- _Work to be completed_
From the records below, transcribe exactly the lines that begin at the line with "N$210: K2.O2(3:NC) X29.6" and end at the line with "N$443: RN7.3 RN8.6", both included.

- _Data to use_
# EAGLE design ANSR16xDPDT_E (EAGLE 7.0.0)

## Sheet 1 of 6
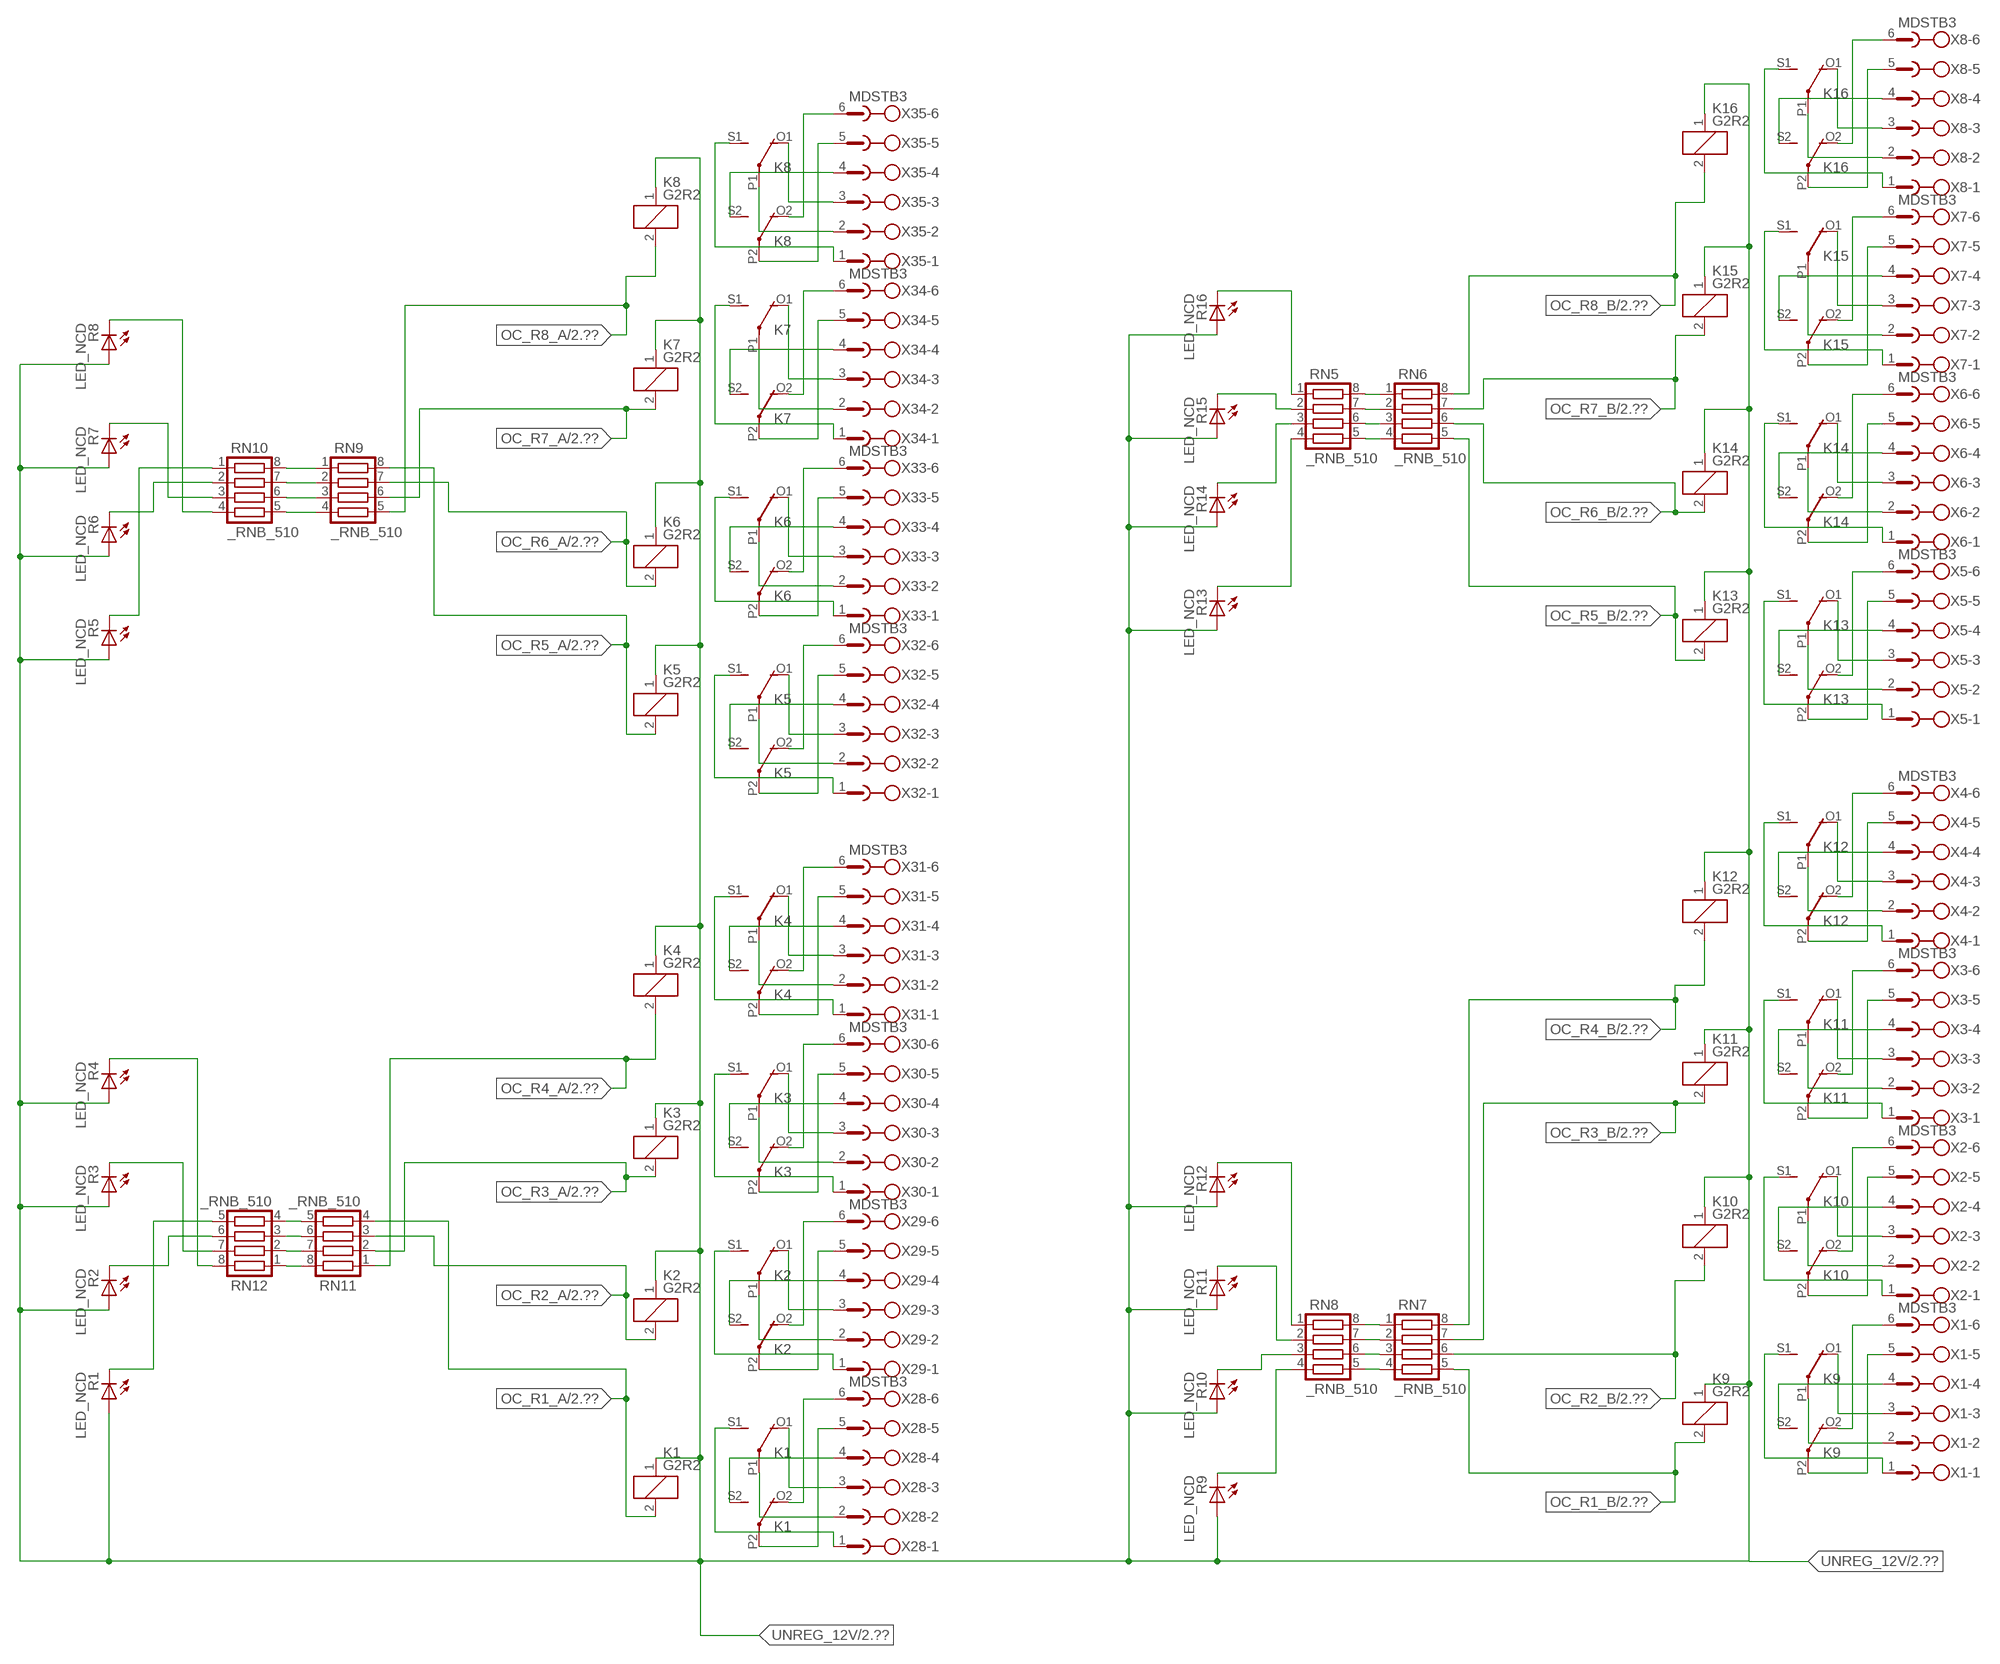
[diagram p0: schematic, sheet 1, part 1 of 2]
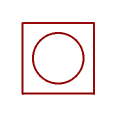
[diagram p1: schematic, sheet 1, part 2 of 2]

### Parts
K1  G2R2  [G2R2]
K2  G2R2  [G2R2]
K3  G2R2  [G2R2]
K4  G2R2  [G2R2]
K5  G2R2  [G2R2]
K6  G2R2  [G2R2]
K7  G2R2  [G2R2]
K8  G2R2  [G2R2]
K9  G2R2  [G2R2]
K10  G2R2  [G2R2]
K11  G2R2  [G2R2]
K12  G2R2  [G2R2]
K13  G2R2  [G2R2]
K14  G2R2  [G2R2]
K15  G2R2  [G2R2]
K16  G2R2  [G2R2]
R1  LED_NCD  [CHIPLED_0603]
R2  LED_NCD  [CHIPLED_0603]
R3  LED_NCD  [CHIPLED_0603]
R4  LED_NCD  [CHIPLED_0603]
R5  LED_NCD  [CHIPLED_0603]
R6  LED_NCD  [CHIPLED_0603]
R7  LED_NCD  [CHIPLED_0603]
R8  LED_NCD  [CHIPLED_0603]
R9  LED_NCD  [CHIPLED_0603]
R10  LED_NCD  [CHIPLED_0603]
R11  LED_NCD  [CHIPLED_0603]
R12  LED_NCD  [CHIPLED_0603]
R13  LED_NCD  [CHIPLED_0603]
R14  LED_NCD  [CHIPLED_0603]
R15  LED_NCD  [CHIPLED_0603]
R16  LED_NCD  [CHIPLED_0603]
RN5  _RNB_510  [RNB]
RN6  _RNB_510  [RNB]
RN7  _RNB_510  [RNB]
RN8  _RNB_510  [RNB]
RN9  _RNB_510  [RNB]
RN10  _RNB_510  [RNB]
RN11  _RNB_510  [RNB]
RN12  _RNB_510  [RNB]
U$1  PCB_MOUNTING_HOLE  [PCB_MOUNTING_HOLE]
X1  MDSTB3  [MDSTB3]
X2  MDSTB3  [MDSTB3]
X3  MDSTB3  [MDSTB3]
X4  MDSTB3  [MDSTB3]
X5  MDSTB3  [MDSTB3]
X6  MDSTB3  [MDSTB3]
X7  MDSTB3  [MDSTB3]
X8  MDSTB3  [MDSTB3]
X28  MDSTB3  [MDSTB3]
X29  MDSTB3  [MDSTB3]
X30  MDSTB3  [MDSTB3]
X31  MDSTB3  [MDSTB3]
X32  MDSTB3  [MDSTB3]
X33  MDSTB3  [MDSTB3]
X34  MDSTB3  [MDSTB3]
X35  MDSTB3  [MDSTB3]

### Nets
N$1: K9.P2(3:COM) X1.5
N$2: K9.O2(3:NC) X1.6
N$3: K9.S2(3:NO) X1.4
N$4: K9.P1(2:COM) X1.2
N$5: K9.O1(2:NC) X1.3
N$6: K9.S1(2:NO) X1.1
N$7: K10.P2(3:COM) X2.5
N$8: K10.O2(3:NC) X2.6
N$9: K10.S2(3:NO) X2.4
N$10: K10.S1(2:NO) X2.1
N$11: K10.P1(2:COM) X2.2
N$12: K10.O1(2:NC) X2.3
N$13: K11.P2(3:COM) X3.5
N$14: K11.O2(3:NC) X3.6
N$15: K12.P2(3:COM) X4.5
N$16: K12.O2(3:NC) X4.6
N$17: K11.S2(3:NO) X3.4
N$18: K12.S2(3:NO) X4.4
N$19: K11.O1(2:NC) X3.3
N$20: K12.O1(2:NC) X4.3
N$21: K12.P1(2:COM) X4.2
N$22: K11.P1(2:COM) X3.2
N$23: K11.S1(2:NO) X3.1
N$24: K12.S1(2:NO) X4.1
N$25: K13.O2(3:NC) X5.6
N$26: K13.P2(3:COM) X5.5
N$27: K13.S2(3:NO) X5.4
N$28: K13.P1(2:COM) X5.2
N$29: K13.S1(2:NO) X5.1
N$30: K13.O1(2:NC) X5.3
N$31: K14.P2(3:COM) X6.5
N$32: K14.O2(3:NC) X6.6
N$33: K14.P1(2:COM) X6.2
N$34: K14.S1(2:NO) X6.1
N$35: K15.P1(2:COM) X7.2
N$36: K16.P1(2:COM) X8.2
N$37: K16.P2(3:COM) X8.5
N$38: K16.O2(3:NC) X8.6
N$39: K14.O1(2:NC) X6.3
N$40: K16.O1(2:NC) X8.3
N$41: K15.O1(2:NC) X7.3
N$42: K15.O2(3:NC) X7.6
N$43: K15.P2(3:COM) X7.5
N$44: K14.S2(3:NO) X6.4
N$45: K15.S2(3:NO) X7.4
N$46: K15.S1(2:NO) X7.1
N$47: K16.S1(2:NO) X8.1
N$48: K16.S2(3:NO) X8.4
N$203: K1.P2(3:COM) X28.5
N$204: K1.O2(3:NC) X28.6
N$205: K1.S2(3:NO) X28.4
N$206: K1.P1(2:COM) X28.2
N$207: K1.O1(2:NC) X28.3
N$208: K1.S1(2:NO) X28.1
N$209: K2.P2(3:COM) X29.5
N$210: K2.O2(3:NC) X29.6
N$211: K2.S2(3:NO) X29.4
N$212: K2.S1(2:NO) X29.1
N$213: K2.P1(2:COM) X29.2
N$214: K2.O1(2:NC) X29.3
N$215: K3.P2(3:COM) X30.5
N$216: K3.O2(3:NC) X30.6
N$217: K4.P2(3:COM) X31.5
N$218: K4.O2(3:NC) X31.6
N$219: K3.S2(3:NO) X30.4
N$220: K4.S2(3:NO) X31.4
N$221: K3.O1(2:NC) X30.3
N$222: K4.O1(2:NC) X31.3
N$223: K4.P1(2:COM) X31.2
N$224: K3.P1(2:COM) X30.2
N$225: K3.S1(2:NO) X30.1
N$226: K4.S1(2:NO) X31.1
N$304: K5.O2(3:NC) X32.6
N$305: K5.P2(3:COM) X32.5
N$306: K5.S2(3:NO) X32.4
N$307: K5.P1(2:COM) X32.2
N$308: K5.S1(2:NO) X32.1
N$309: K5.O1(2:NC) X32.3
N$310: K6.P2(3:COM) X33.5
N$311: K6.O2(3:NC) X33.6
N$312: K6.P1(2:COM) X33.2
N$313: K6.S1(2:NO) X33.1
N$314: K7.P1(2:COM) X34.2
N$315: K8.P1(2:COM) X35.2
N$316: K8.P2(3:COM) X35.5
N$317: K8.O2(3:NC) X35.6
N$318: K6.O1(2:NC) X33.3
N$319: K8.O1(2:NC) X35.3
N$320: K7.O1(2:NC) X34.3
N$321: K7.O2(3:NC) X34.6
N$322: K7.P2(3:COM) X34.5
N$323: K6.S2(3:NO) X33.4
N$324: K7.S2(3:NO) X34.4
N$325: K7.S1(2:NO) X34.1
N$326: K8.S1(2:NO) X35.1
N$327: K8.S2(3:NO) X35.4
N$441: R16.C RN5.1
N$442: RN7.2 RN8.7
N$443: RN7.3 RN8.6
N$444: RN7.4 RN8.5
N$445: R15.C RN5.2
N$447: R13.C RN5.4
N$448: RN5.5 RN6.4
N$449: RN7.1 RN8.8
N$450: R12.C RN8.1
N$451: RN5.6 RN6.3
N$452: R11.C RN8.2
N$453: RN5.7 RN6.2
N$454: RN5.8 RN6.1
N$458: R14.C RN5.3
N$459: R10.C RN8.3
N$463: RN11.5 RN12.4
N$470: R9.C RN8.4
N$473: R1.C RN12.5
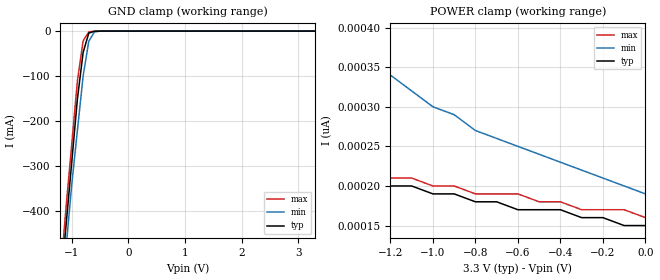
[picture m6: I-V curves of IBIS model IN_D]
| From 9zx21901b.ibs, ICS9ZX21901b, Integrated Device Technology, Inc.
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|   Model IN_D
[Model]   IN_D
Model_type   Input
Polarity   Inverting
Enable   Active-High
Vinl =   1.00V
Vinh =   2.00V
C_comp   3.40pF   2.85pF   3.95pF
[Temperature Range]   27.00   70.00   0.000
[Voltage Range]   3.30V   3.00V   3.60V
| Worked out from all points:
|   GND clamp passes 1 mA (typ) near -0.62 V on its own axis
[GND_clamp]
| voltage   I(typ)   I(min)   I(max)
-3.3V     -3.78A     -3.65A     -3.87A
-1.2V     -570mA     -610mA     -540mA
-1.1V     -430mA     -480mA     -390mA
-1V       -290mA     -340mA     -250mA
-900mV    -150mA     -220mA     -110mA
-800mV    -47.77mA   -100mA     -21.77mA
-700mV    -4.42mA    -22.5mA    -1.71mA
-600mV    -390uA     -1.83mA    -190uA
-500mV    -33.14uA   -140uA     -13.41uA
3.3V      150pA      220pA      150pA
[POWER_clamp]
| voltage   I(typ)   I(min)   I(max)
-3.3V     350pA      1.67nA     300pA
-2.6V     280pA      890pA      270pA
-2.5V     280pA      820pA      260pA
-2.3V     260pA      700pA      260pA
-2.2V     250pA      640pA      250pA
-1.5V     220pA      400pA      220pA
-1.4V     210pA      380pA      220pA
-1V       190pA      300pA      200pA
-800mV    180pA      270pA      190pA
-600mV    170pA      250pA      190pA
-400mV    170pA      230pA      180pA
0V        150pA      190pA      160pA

- _Response box_
N$210: K2.O2(3:NC) X29.6
N$211: K2.S2(3:NO) X29.4
N$212: K2.S1(2:NO) X29.1
N$213: K2.P1(2:COM) X29.2
N$214: K2.O1(2:NC) X29.3
N$215: K3.P2(3:COM) X30.5
N$216: K3.O2(3:NC) X30.6
N$217: K4.P2(3:COM) X31.5
N$218: K4.O2(3:NC) X31.6
N$219: K3.S2(3:NO) X30.4
N$220: K4.S2(3:NO) X31.4
N$221: K3.O1(2:NC) X30.3
N$222: K4.O1(2:NC) X31.3
N$223: K4.P1(2:COM) X31.2
N$224: K3.P1(2:COM) X30.2
N$225: K3.S1(2:NO) X30.1
N$226: K4.S1(2:NO) X31.1
N$304: K5.O2(3:NC) X32.6
N$305: K5.P2(3:COM) X32.5
N$306: K5.S2(3:NO) X32.4
N$307: K5.P1(2:COM) X32.2
N$308: K5.S1(2:NO) X32.1
N$309: K5.O1(2:NC) X32.3
N$310: K6.P2(3:COM) X33.5
N$311: K6.O2(3:NC) X33.6
N$312: K6.P1(2:COM) X33.2
N$313: K6.S1(2:NO) X33.1
N$314: K7.P1(2:COM) X34.2
N$315: K8.P1(2:COM) X35.2
N$316: K8.P2(3:COM) X35.5
N$317: K8.O2(3:NC) X35.6
N$318: K6.O1(2:NC) X33.3
N$319: K8.O1(2:NC) X35.3
N$320: K7.O1(2:NC) X34.3
N$321: K7.O2(3:NC) X34.6
N$322: K7.P2(3:COM) X34.5
N$323: K6.S2(3:NO) X33.4
N$324: K7.S2(3:NO) X34.4
N$325: K7.S1(2:NO) X34.1
N$326: K8.S1(2:NO) X35.1
N$327: K8.S2(3:NO) X35.4
N$441: R16.C RN5.1
N$442: RN7.2 RN8.7
N$443: RN7.3 RN8.6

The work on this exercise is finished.